Start of Records shown

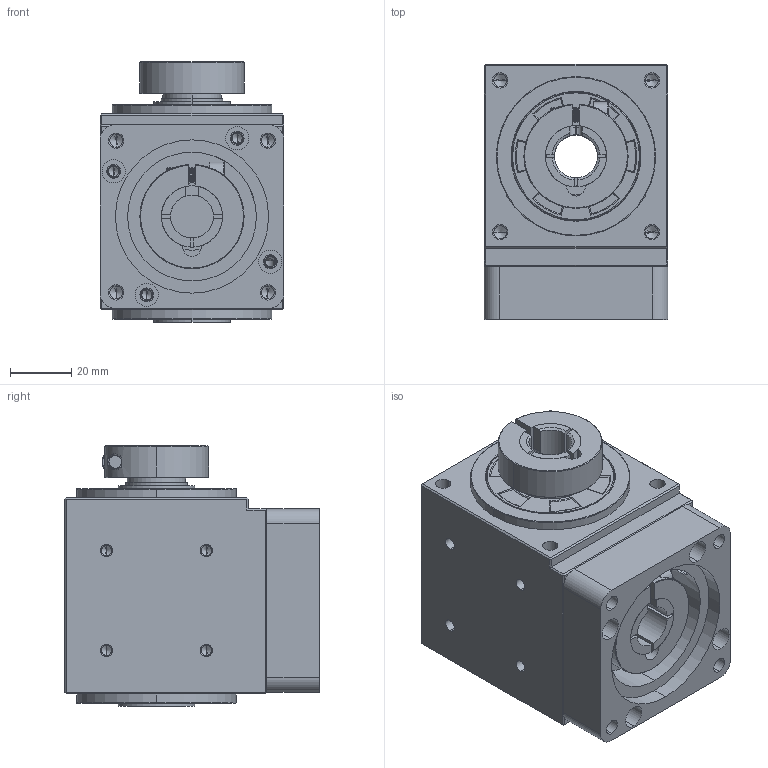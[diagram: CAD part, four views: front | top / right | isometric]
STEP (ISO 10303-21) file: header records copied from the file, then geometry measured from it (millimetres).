
FILE_DESCRIPTION (( 'STEP AP214' ), '1' );
FILE_NAME ('RH60-2(14-50-70-M5).STEP', '2018-12-05T04:11:37', ( '' ), ( '' ), 'SwSTEP 2.0', 'SolidWorks 2016', '' );
FILE_SCHEMA (( 'AUTOMOTIVE_DESIGN' ));
Length unit declared in the file: millimetre
Products named in the file (8): RH60-(14x13-4x10.5); R60-25x47x5; R60-25x42x5; R60-2(50-70-M5); SN60-34x20x10.5-M5; R60-2-(14); RH60-2(14-50-70-M5); R60
Assembly tree (8 placements, depth 2):
  RH60-2(14-50-70-M5)
    R60
    R60-25x42x5
    R60-25x47x5
    R60-2(50-70-M5)
    RH60-(14x13-4x10.5)
    R60-2-(14)
    SN60-34x20x10.5-M5  x2
Bounding box: 60 x 83.2 x 85 mm (x, y, z)
Volume: 214777.4 mm3; surface area: 81709 mm2
Topology: 14 solids, 14 shells, 799 faces, 1978 edges, 1211 vertices
Faces by surface type: cylinder 393, plane 163, cone 133, bspline 58, torus 52
Entity records: 38142 total; most frequent: CARTESIAN_POINT 22485, DIRECTION 3083, ORIENTED_EDGE 3070, EDGE_CURVE 1535, AXIS2_PLACEMENT_3D 1215, VERTEX_POINT 956, EDGE_LOOP 747, ADVANCED_FACE 660

End of Records shown

• _What is required_: Exactly as they appear above, give the records again, without their pictures.

• _Answer to this problem_:
[diagram: CAD part, four views: front | top / right | isometric]
STEP (ISO 10303-21) file: header records copied from the file, then geometry measured from it (millimetres).
FILE_DESCRIPTION (( 'STEP AP214' ), '1' );
FILE_NAME ('RH60-2(14-50-70-M5).STEP', '2018-12-05T04:11:37', ( '' ), ( '' ), 'SwSTEP 2.0', 'SolidWorks 2016', '' );
FILE_SCHEMA (( 'AUTOMOTIVE_DESIGN' ));
Length unit declared in the file: millimetre
Products named in the file (8): RH60-(14x13-4x10.5); R60-25x47x5; R60-25x42x5; R60-2(50-70-M5); SN60-34x20x10.5-M5; R60-2-(14); RH60-2(14-50-70-M5); R60
Assembly tree (8 placements, depth 2):
  RH60-2(14-50-70-M5)
    R60
    R60-25x42x5
    R60-25x47x5
    R60-2(50-70-M5)
    RH60-(14x13-4x10.5)
    R60-2-(14)
    SN60-34x20x10.5-M5  x2
Bounding box: 60 x 83.2 x 85 mm (x, y, z)
Volume: 214777.4 mm3; surface area: 81709 mm2
Topology: 14 solids, 14 shells, 799 faces, 1978 edges, 1211 vertices
Faces by surface type: cylinder 393, plane 163, cone 133, bspline 58, torus 52
Entity records: 38142 total; most frequent: CARTESIAN_POINT 22485, DIRECTION 3083, ORIENTED_EDGE 3070, EDGE_CURVE 1535, AXIS2_PLACEMENT_3D 1215, VERTEX_POINT 956, EDGE_LOOP 747, ADVANCED_FACE 660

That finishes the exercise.